Julia tried to frown, but her face wouldn’t stop smiling. She was happy to be the subject of her sisters’ collective attention. She knew she was beaming, and she could see the girls’ pleasure in causing it. “Next week, I said. I wanted to add some touches first, hang pictures. So it looked really nice when you saw it for the first time.”

“Was the honeymoon terribly romantic?” Emeline leaned against the wall, as if in a mild swoon.

“We’re not here to see your house,” Cecelia said. “Let’s go inside, though.”

Julia handed off her shopping bags and opened the door with the key.

Her sisters gave similar sighs of pleasure.

“How lovely!” Sylvie said.

It did look lovely, with the morning sun streaming in. The three visitors understood the preciousness of having your own space. When you grew up in a crowded, small house like they had, much of the dream of adulthood became living somewhere less crowded. Somewhere that was your own and didn’t need to be shared.

Julia gave them a brief tour, and then they sank down onto the sofa and armchair in the living room. Julia noticed that Cecelia was carrying something under her arm, and said, “What is that?”

“Oh.” Cecelia pulled it free. “It’s my scarlet letter, from Mama. She wants me to carry it everywhere for a week, at least. I told her I would.” It was one of the framed saints from the dining room wall. Julia stared at it, trying to match the woman with her name. She knew the saints only in context, listed in a row, on the wall of their house.

“St. Clare of Assisi,” Cecelia said.

Sylvie and Emeline looked down, as if to study their own legs and feet. Their mother had taught them lessons related to each saint, but she’d never removed a saint from the wall, much less assigned one as a traveling penance to a daughter.

Julia remembered this saint now. St. Clare had refused to marry at the age of fifteen and had run away from home. She’d cut off all her hair and devoted her life to God. She created the Order of Poor Ladies, and her own sister and mother went to live with her in her abbey. She was the first woman in history to write a monastic rule, which the Order of Poor Ladies lived by. Julia studied her youngest sister. Cecelia had been born three minutes after Emeline, so they sometimes called her Baby. Charlie liked to croon Frank Sinatra at her: Yes sir, that’s my baby. No sir, I don’t mean maybe.

“What happened?” Julia was aware that her hands were freezing and she was scared.

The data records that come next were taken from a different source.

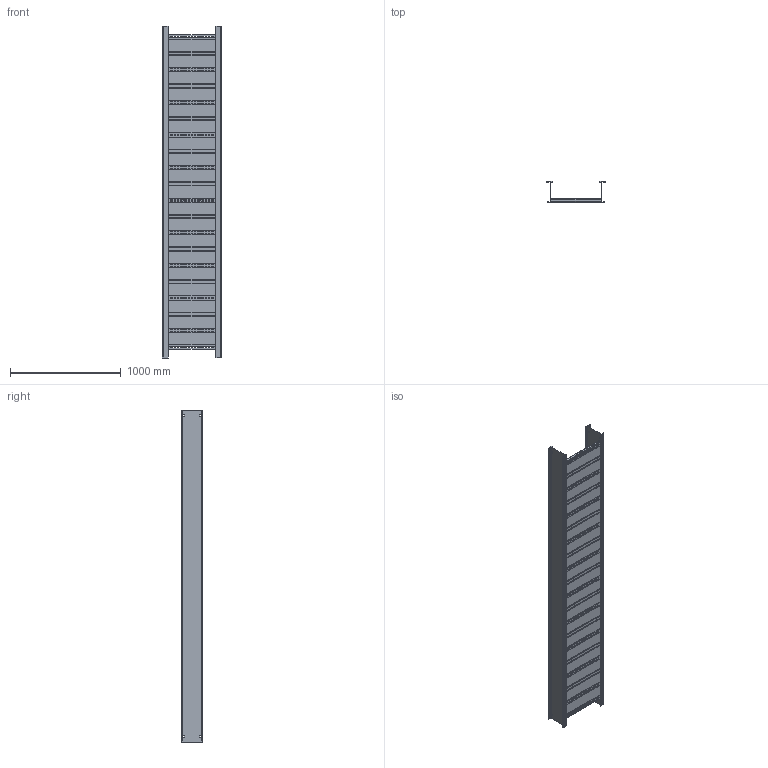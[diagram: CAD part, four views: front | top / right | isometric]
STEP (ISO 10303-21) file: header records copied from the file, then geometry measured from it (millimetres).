
FILE_DESCRIPTION((''),'2;1');
FILE_NAME('AH3718V-3_ASM','2010-02-11T',('erouzier'),(''),'PRO/ENGINEER BY PARAMETRIC TECHNOLOGY CORPORATION, 2008510','PRO/ENGINEER BY PARAMETRIC TECHNOLOGY CORPORATION, 2008510','');
FILE_SCHEMA(('CONFIG_CONTROL_DESIGN'));
Length unit declared in the file: inch
Products named in the file (23): CDS002158-015_AF3; CDS002158-015_AF4; CDS002159L18-P_AF0; CDS002159L18-P_AF1; CDS002159L18-P_AF2; CDS002159L18-P_AF3; CDS002159L18-P_AF4; CDS002159L18-P_AF5; CDS002159L18-P_AF6; CDS002159L18-P_AF7; CDS002159L18-P_AF8; CDS002159L18-P_AF9; CDS002159L18-P_AF10; CDS002159L18-P_AF11; CDS002159L18-P_AF12; CDS002159L18-P_AF13; CDS002159L18-P_AF14; CDS002159L18-P_AF15; CDS002159L18-P_AF16; CDS002159L18-P_AF17; CDS002159L18-P_AF18; CDS002159L18-P_AF19; AH3718V-3_ASM
Assembly tree (22 placements, depth 2):
  AH3718V-3_ASM
    CDS002158-015_AF3
    CDS002158-015_AF4
    CDS002159L18-P_AF0
    CDS002159L18-P_AF1
    CDS002159L18-P_AF2
    CDS002159L18-P_AF3
    CDS002159L18-P_AF4
    CDS002159L18-P_AF5
    CDS002159L18-P_AF6
    CDS002159L18-P_AF7
    CDS002159L18-P_AF8
    CDS002159L18-P_AF9
    CDS002159L18-P_AF10
    CDS002159L18-P_AF11
    CDS002159L18-P_AF12
    CDS002159L18-P_AF13
    CDS002159L18-P_AF14
    CDS002159L18-P_AF15
    CDS002159L18-P_AF16
    CDS002159L18-P_AF17
    CDS002159L18-P_AF18
    CDS002159L18-P_AF19
Bounding box: 534.16 x 186.44 x 3000 mm (x, y, z)
Volume: 7408669.9 mm3; surface area: 6687736.3 mm2
Topology: 22 solids, 23 shells, 3243 faces, 9598 edges, 6400 vertices
Faces by surface type: plane 1739, cylinder 1504
Entity records: 110886 total; most frequent: CARTESIAN_POINT 19286, ORIENTED_EDGE 19192, DIRECTION 19182, EDGE_CURVE 9598, VECTOR 6590, LINE 6590, VERTEX_POINT 6400, AXIS2_PLACEMENT_3D 6296

“I’m pregnant. Almost five months along.” Cecelia spoke the words calmly. “Mom has decided that I’m headed for a life of destitution. But I’m going to keep the baby. I’m not telling the father, because—” She stopped for a second. “Because there’s no good to come from his knowing.”

Julia shook her head in refusal. This couldn’t be correct. “You’re pregnant?”

“Yes.”

“You’re having a baby, at the age of seventeen.”

“I’ll be eighteen when the baby’s born.”

Julia felt something inside her harden. She studied her other sisters; clearly she was the last to know. They had already swallowed this news and found a way to accept it. Emeline was unconditionally loyal to her twin, and besides, she adored babies. Sylvie was disappointed in Cecelia—Julia had seen this in her sister’s eyes—but Sylvie looked at life like a story, and she would be impressed at how their younger sister had made herself a main character in their shared narrative.

Julia said, “I’m supposed to have the first baby.”